Backpacking with the Coyotes

Brevard, NC | Janna Carlson

Plans change and often for the better. On a recent backpacking trip with the Coyote class, we made the decision to delay our departure by a day to avoid a downpour. We managed to miss the storm and maintain the opportunity to exercise our flexibility from staff to students and parents. We supported one another in what can be the most stressful part of a trip or event, the weather. I am glad we could all feel confident that safety, learning and having a good time are the top priorities for our Mountain Sun community.

Throughout my career, I have been taking young people into the woods whether with packs on their back and boots on their feet or PFDs on their chest and boats under their seats. Getting all the logistics set can be the most challenging part. After setting the route, checking the mileage, finding camps and water, you still need a plan B. Then you have to gather gear and make a planned meal. All while making sure safety is first and foremost in every step.

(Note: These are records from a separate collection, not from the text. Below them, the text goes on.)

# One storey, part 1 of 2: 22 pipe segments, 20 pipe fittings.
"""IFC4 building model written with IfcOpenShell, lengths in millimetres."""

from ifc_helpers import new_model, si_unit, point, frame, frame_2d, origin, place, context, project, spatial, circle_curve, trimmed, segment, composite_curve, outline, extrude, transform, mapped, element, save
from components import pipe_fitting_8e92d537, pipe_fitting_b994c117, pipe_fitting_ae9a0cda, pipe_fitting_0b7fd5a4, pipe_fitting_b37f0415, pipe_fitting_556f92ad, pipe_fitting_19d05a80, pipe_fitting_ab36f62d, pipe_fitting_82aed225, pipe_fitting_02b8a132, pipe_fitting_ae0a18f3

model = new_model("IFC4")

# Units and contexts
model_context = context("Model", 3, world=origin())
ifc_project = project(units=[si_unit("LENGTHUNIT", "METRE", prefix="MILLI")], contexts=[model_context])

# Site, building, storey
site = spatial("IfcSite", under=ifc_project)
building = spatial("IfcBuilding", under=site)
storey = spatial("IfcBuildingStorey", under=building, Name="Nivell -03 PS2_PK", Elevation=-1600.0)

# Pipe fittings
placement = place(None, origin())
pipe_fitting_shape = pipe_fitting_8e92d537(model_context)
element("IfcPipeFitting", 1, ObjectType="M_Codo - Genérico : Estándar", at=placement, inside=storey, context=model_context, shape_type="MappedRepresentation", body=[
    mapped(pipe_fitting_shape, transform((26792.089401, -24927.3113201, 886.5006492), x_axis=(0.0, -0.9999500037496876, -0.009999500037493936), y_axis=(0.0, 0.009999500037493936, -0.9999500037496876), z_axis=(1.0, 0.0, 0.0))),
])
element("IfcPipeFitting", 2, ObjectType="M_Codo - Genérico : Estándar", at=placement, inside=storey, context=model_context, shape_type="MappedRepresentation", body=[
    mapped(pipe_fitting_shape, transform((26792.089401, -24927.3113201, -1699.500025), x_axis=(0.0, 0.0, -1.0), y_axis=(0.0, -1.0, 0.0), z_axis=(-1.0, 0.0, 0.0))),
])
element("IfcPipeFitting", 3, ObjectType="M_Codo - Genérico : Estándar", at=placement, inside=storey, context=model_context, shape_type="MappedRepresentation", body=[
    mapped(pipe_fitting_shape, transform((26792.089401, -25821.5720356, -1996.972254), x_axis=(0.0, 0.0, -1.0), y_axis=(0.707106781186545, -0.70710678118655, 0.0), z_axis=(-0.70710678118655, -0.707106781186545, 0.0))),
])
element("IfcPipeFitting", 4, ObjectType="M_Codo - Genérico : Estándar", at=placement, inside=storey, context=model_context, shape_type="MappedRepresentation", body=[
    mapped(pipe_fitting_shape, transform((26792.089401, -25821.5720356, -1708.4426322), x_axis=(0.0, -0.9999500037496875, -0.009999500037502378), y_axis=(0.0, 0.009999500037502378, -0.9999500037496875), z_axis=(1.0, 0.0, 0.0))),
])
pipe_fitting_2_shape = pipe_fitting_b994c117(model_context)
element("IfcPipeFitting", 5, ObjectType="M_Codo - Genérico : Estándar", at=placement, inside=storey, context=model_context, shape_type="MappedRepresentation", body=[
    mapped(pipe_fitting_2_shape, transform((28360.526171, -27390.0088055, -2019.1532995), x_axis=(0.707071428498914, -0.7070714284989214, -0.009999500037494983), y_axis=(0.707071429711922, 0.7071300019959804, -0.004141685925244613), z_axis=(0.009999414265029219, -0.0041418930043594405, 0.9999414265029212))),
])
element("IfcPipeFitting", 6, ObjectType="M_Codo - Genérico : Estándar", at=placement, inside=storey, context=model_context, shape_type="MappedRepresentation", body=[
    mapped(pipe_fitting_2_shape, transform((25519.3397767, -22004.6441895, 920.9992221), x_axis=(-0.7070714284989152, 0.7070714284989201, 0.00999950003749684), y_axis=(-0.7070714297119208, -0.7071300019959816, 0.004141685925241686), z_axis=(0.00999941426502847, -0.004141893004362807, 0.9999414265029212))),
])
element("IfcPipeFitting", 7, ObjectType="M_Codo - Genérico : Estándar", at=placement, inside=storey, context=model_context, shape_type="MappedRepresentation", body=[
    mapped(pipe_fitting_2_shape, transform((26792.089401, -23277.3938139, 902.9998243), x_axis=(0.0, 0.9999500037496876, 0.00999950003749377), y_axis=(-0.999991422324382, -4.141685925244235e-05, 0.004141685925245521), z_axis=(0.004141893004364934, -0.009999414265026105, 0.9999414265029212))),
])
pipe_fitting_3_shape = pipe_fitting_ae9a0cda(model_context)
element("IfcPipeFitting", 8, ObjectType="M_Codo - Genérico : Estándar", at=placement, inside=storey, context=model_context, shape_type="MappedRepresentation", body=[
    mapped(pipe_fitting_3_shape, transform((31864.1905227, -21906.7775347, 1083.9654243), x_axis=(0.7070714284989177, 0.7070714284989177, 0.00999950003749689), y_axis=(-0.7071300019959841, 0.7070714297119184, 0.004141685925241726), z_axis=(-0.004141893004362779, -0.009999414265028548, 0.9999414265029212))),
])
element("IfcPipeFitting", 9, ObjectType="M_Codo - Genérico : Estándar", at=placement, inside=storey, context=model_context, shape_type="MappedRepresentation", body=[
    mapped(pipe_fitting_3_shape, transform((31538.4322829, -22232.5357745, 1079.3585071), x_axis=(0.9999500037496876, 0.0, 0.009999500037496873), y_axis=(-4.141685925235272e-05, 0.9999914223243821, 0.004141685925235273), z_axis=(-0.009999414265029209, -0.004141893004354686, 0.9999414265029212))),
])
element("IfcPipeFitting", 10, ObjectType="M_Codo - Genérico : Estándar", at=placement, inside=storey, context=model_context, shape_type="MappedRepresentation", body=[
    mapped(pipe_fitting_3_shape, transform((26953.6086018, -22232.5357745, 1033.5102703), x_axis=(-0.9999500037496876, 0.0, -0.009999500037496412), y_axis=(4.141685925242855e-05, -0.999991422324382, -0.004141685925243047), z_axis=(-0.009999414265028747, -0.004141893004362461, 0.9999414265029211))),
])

Once on the trail, it’s time to roll with it. It is the Coyotes time to lead and follow one another. They have been preparing for this for years. First with family camping in the Acorn campout, then just with their classmates as a Monarch. It’s my favorite part of taking anyone out to explore the woods around us. Leaders emerge, challenges are faced, and silly dances are created. I think one of my biggest takeaways from the trip was the Coyotes’ resilience. They looked out for one another, and they pushed themselves through the tough stuff.

Stepping out of our comfort zones and into our growth zones is important. It’s also important to find ways to enjoy each mile up and down with packs making it more challenging. Having everything they will need right there with them can be a burden or a freedom. This time is a chance to practice listening to your body and seeing what is a need and what is a want. Some of the time we walked down the trail, some of the time we were at camp, both with planned and unplanned challenges. We talked about the adventure together and had solo time to reflect on this trip. This was to help everyone see how the experience can go beyond the field, into the classroom, and back home with us.

I’m thankful to have found Mountain Sun Community School. It is a community that sees the value in learning beyond the walls of a classroom. I saw students taking initiative by volunteering, being respectful, and leading in many different ways. I circle back to planning and how important it is, but also I also want to remember to let unplanned opportunities never go to waste. I end with a reflection from my field journal, “As we all sat together watching the sun rise over the mountain I think of my Acorns and how they are preparing for this breathtaking and inspiring moment in their not so far future.”